# New 28rsds



## PacNorWest (May 31, 2009)

Hello everyone, brandnew to the site.

We brought the 2007 28RSDS home about 4 weeks ago and had it out for Memorial weekend. Worked great and everyone loved it. After browsing the mods forum, I know how plenty of stuff to do to make it even better.


----------



## Oregon_Camper (Sep 13, 2004)

Welcome...Welcome...Welcome.

Glad you found us.









Congrats on the new Outback. You're going to LOVE it.


----------



## wolfwood (Sep 19, 2005)

WELCOME to the best site in cyberspace!!! So glad to hear that you had a great trip out!!! NOW, it's time to get to work on those mods


----------



## GoodTimes (Mar 9, 2009)

Welcome to your new obsession, you'll feel very comfortable here!


----------



## Oregon_Camper (Sep 13, 2004)

PacNorWest said:


> Hello everyone, brandnew to the site.
> 
> We brought the 2007 28RSDS home about 4 weeks ago and had it out for Memorial weekend. Worked great and everyone loved it. After browsing the mods forum, I know how plenty of stuff to do to make it even better.

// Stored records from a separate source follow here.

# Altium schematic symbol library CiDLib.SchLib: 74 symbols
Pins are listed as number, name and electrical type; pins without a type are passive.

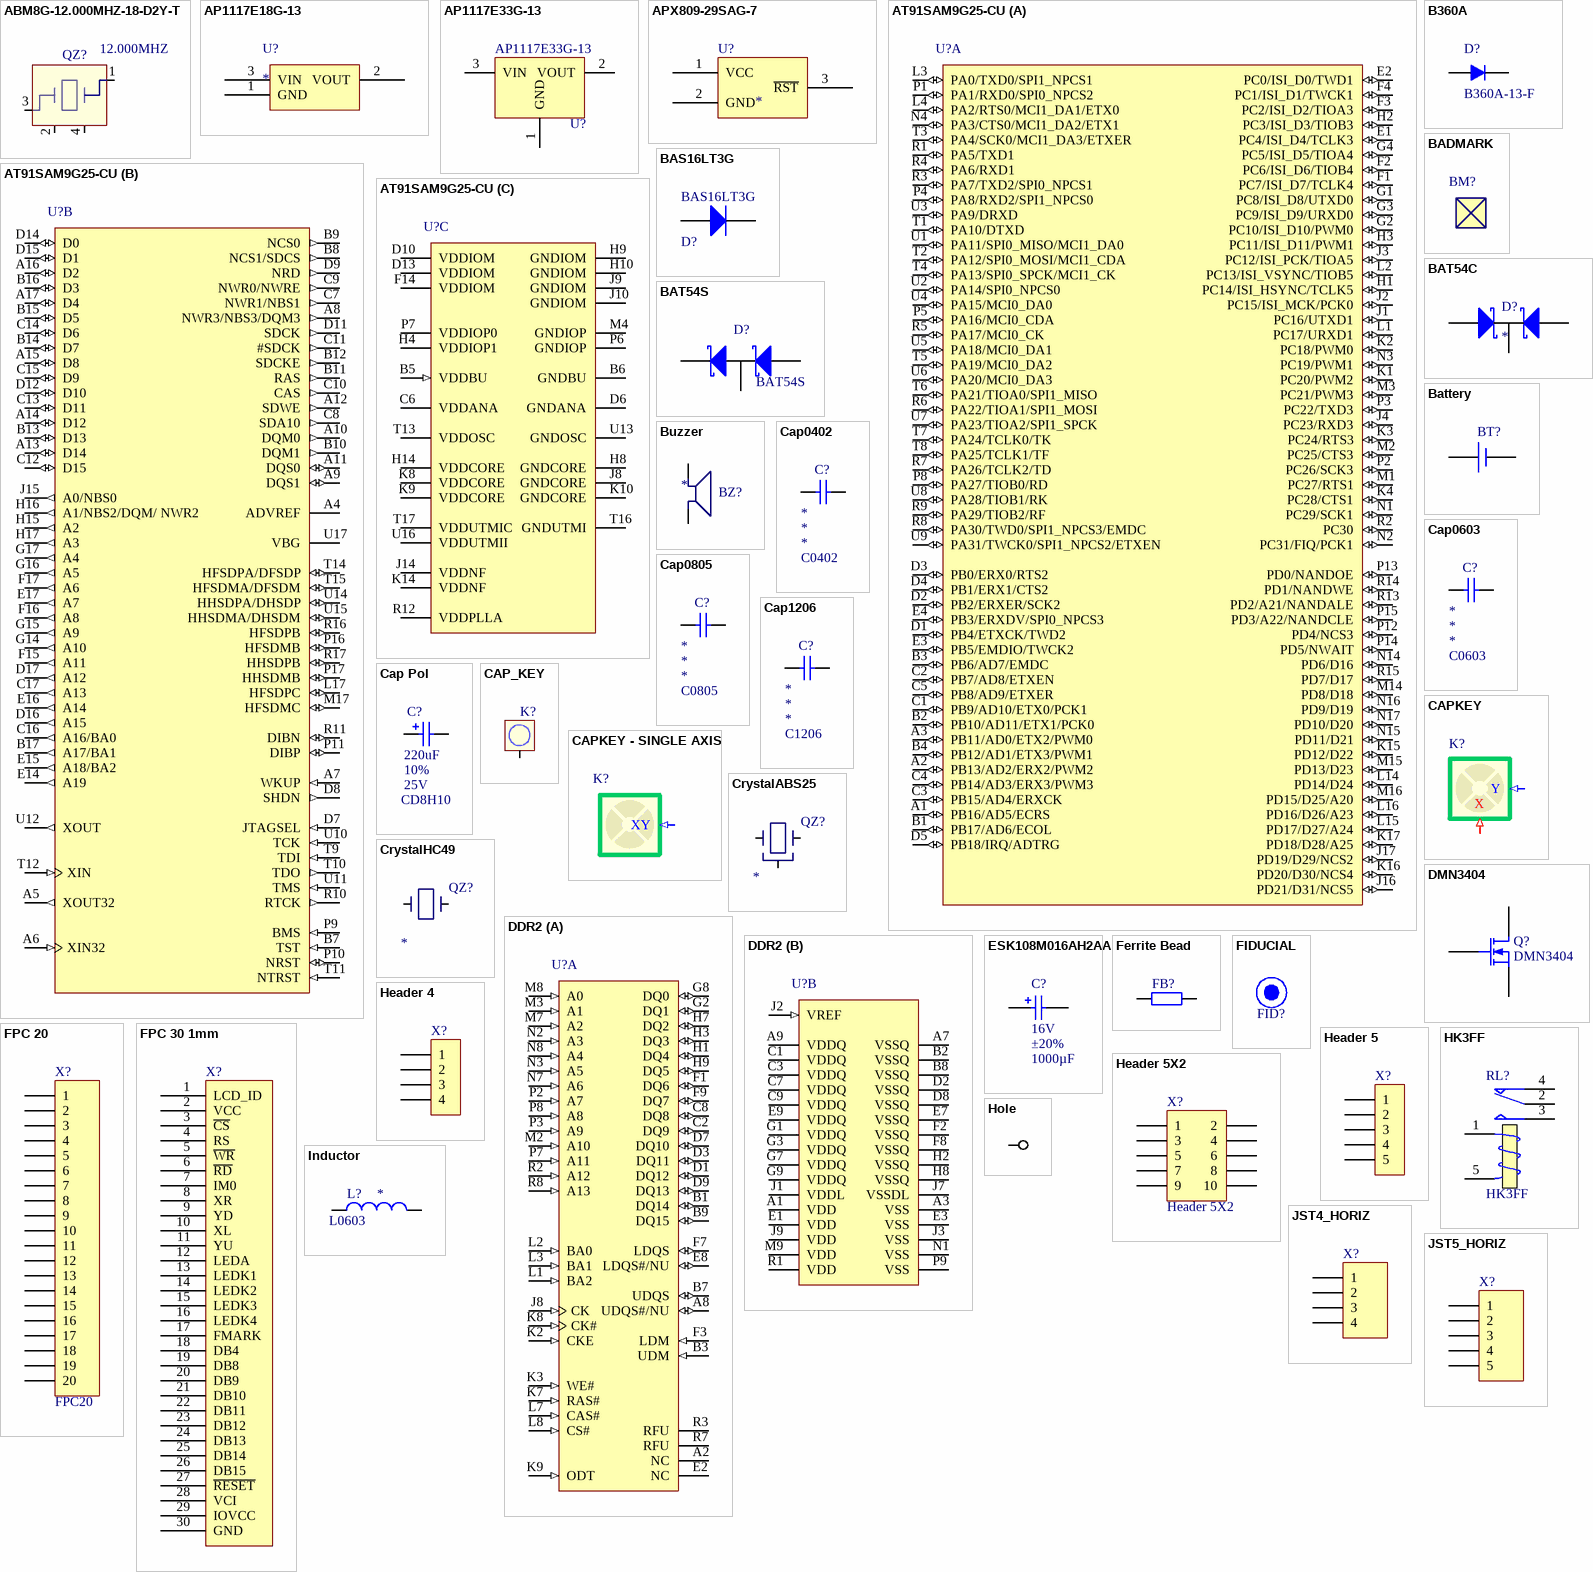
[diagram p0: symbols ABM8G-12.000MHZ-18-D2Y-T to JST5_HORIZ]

## ABM8G-12.000MHZ-18-D2Y-T
designator QZ?  value 12.000MHZ  (hidden comment: *)
footprint ABM8G-12.000MHZ-18-D2Y-T
pins: 1, 2, 3 1, 4

## AP1117E18G-13
designator U?
footprint SOT223 (SOT223, 4-Leads, Body 6,50x7,00mm (avg), Pitch 2,30mm, IPC Medium Density)
pins: 1 GND (power), 2 VOUT (power), 3 VIN (power)

## AP1117E33G-13
designator U?
footprint SOT223 (SOT223, 4-Leads, Body 6,50x7,00mm (avg), Pitch 2,30mm, IPC Medium Density)
pins: 1 GND (power), 2 VOUT (power), 3 VIN (power)

## APX809-29SAG-7
designator U?
Reset supervisor 2.9V
footprint SOT23-3
pins: 1 VCC (power), 2 GND (power), 3 ~{RST}

## AT91SAM9G25-CU
designator U?
AT91 ARM Thumb 32-bit Embedded MPU, 400MHz, 1V, Ethernet, HS USB, LPDDR/DDR2/MLC NAND support, 217-Pin BGA, Industrial Grade (-40°C to 85°C), Pb-Free; GROUP: G25
footprint BGA217
part A pins: A1 PB16/AD5/ECRS (io), A2 PB13/AD2/ERX2/PWM2 (io), A3 PB11/AD0/ETX2/PWM0 (io), B1 PB17/AD6/ECOL (io), B2 PB10/AD11/ETX1/PCK0 (io), B3 PB6/AD7/EMDC (io), B4 PB12/AD1/ETX3/PWM1 (io), C1 PB9/AD10/ETX0/PCK1 (io), C2 PB7/AD8/ETXEN (io), C3 PB15/AD4/ERXCK (io), C4 PB14/AD3/ERX3/PWM3 (io), C5 PB8/AD9/ETXER (io), D1 PB4/ETXCK/TWD2 (io), D2 PB2/ERXER/SCK2 (io), D3 PB0/ERX0/RTS2 (io), D4 PB1/ERX1/CTS2 (io), D5 PB18/IRQ/ADTRG (io), E1 PC4/ISI_D4/TCLK3 (io), E2 PC0/ISI_D0/TWD1 (io), E3 PB5/EMDIO/TWCK2 (io), E4 PB3/ERXDV/SPI0_NPCS3 (io), F1 PC7/ISI_D7/TCLK4 (io), F2 PC6/ISI_D6/TIOB4 (io), F3 PC2/ISI_D2/TIOA3 (io), F4 PC1/ISI_D1/TWCK1 (io), G1 PC8/ISI_D8/UTXD0 (io), G2 PC10/ISI_D10/PWM0 (io), G3 PC9/ISI_D9/URXD0 (io), G4 PC5/ISI_D5/TIOA4 (io), H1 PC14/ISI_HSYNC/TCLK5 (io), H2 PC3/ISI_D3/TIOB3 (io), H3 PC11/ISI_D11/PWM1 (io), J1 PC16/UTXD1 (io), J2 PC15/ISI_MCK/PCK0 (io), J3 PC12/ISI_PCK/TIOA5 (io), J4 PC23/RXD3 (io), J16 PD21/D31/NCS5 (io), J17 PD19/D29/NCS2 (io), K1 PC20/PWM2 (io), K2 PC18/PWM0 (io), K3 PC24/RTS3 (io), K4 PC28/CTS1 (io), K15 PD12/D22 (io), K16 PD20/D30/NCS4 (io), K17 PD18/D28/A25 (io), L1 PC17/URXD1 (io), L2 PC13/ISI_VSYNC/TIOB5 (io), L3 PA0/TXD0/SPI1_NPCS1 (io), L4 PA2/RTS0/MCI1_DA1/ETX0 (io), L14 PD14/D24 (io), L15 PD17/D27/A24 (io), L16 PD16/D26/A23 (io), M1 PC27/RTS1 (io), M2 PC25/CTS3 (io), M3 PC21/PWM3 (io), M14 PD8/D18 (io), M15 PD13/D23 (io), M16 PD15/D25/A20 (io), N1 PC29/SCK1 (io), N2 PC31/FIQ/PCK1 (io), N3 PC19/PWM1 (io), N4 PA3/CTS0/MCI1_DA2/ETX1 (io), N14 PD6/D16 (io), N15 PD11/D21 (io), N16 PD9/D19 (io), N17 PD10/D20 (io), P1 PA1/RXD0/SPI0_NPCS2 (io), P2 PC26/SCK3 (io), P3 PC22/TXD3 (io), P4 PA8/RXD2/SPI1_NPCS0 (io), P5 PA16/MCI0_CDA (io), P8 PA27/TIOB0/RD (io), P12 PD4/NCS3 (io), P13 PD0/NANDOE (io), P14 PD5/NWAIT (io), P15 PD3/A22/NANDCLE (io), R1 PA5/TXD1 (io), R2 PC30 (io), R3 PA7/TXD2/SPI0_NPCS1 (io), R4 PA6/RXD1 (io), R5 PA17/MCI0_CK (io), R6 PA22/TIOA1/SPI1_MOSI (io), R7 PA26/TCLK2/TD (io), R8 PA30/TWD0/SPI1_NPCS3/EMDC (io), R9 PA29/TIOB2/RF (io), R13 PD2/A21/NANDALE (io), R14 PD1/NANDWE (io), R15 PD7/D17 (io), T1 PA10/DTXD (io), T2 PA12/SPI0_MOSI/MCI1_CDA (io), T3 PA4/SCK0/MCI1_DA3/ETXER (io), T4 PA13/SPI0_SPCK/MCI1_CK (io), T5 PA19/MCI0_DA2 (io), T6 PA21/TIOA0/SPI1_MISO (io), T7 PA24/TCLK0/TK (io), T8 PA25/TCLK1/TF (io), U1 PA11/SPI0_MISO/MCI1_DA0 (io), U2 PA14/SPI0_NPCS0 (io), U3 PA9/DRXD (io), U4 PA15/MCI0_DA0 (io), U5 PA18/MCI0_DA1 (io), U6 PA20/MCI0_DA3 (io), U7 PA23/TIOA2/SPI1_SPCK (io), U8 PA28/TIOB1/RK (io), U9 PA31/TWCK0/SPI1_NPCS2/ETXEN (io)
part B pins: A4 ADVREF (power), A5 XOUT32 (out), A6 XIN32 (in), A7 WKUP (in), A8 NWR3/NBS3/DQM3 (out), A9 DQS1 (io), A10 DQM0 (out), A11 DQS0 (io), A12 SDWE (out), A13 D14 (io), A14 D12 (io), A15 D8 (io), A16 D2 (io), A17 D4 (io), B7 TST (in), B8 NCS1/SDCS (out), B9 NCS0 (out), B10 DQM1 (out), B11 RAS (out), B12 SDCKE (out), B13 D13 (io), B14 D7 (io), B15 D5 (io), B16 D3 (io), B17 A17/BA1 (out), C7 NWR1/NBS1 (out), C8 SDA10 (out), C9 NWR0/NWRE (out), C10 CAS (out), C11 #SDCK (out), C12 D15 (io), C13 D11 (io), C14 D6 (io), C15 D9 (io), C16 A16/BA0 (out), C17 A13 (out), D7 JTAGSEL (in), D8 SHDN (out), D9 NRD (out), D11 SDCK (out), D12 D10 (io), D14 D0 (io), D15 D1 (io), D16 A15 (out), D17 A12 (out), E14 A19 (out), E15 A18/BA2 (out), E16 A14 (out), E17 A7 (out), F15 A11 (out), F16 A8 (out), F17 A6 (out), G14 A10 (out), G15 A9 (out), G16 A5 (out), G17 A4 (out), H15 A2 (out), H16 A1/NBS2/DQM/ NWR2 (out), H17 A3 (out), J15 A0/NBS0 (out), L17 HFSDPC (io), M17 HFSDMC (io), P9 BMS (in), P10 NRST (io), P11 DIBP (io), P16 HFSDMB (io), P17 HHSDMB (io), R10 RTCK (out), R11 DIBN (io), R16 HFSDPB (io), R17 HHSDPB (io), T9 TDI (in), T10 TDO (out), T11 NTRST (in), T12 XIN (in), T14 HFSDPA/DFSDP (io), T15 HFSDMA/DFSDM (io), U10 TCK (in), U11 TMS (in), U12 XOUT (out), U14 HHSDPA/DHSDP (io), U15 HHSDMA/DHSDM (io), U17 VBG (power)
part C pins: B5 VDDBU (in), B6 GNDBU (power), C6 VDDANA (power), D6 GNDANA (power), D10 VDDIOM (power), D13 VDDIOM (power), F14 VDDIOM (power), H4 VDDIOP1 (power), H8 GNDCORE (power), H9 GNDIOM (power), H10 GNDIOM (power), H14 VDDCORE (power), J8 GNDCORE (power), J9 GNDIOM (power), J10 GNDIOM (power), J14 VDDNF (power), K8 VDDCORE (power), K9 VDDCORE (power), K10 GNDCORE (power), K14 VDDNF (power), M4 GNDIOP (power), P6 GNDIOP (power), P7 VDDIOP0 (power), R12 VDDPLLA (power), T13 VDDOSC (power), T16 GNDUTMI (power), T17 VDDUTMIC (power), U13 GNDOSC (power), U16 VDDUTMII (power)

## B360A
designator D?, comment B360A-13-F
B360A Diode; Manufacturer: Diodes Incorporated; Diode Type: Schottky; Voltage - DC Reverse (Vr) (Max): 60V; Current - Average Rectified (Io): 3A; Voltage - Forward (Vf) (Max) @ If: 700mV @ 3A; Speed: Fast Recovery =< 500ns, > 200mA (Io); Current - Reverse Leakage @ Vr: 500µA @ 60V; Capacitance @ Vr, F: 200pF @ 4V, 1MHz
footprint SMA
pins: 1 A, 2 K

## BADMARK
designator BM?  (value not drawn)
Bad Mark Indicator
footprint BADMARK

## BAS16LT3G
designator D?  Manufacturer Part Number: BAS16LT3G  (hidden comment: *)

I just sold my 28RSS with a TON of great mods.

Check out the link belwo to my site for some ideas to get you going.









http://home.comcast.net/~tannerjim1/trailer_mods.htm


----------



## ember (Jan 17, 2008)

Welcome!!


----------



## mswalt (Sep 14, 2004)

Hello from the Great State of Texas! Glad to have you with us.

Mark


----------



## Sayonara (Jul 23, 2007)

WELCOME AND ENJOY !!!

Congratulations, keep in touch.


----------



## Acadia Hiker (May 29, 2007)

Welcome aboard! Be warned, though--you'll be addicted in a hurry!


----------



## Cj45 (Jan 22, 2005)

Welcome! Congrats on the new Outback!


----------



## MO7Bs (Apr 11, 2009)

WELCOME...might as well go ahead and add this site to your favorites, if you haven't already.


----------



## wtscl (May 22, 2007)

WELCOME! This site can be VERY addicting. The MODS section is my favorite. We have a 2007 28RSDS, and LOVE IT! I'm taking it out next week for the first time this year. I'm excited.

ENJOY!


----------



## wtscl (May 22, 2007)

Oregon_Camper said:


> Hello everyone, brandnew to the site.
> 
> We brought the 2007 28RSDS home about 4 weeks ago and had it out for Memorial weekend. Worked great and everyone loved it. After browsing the mods forum, I know how plenty of stuff to do to make it even better.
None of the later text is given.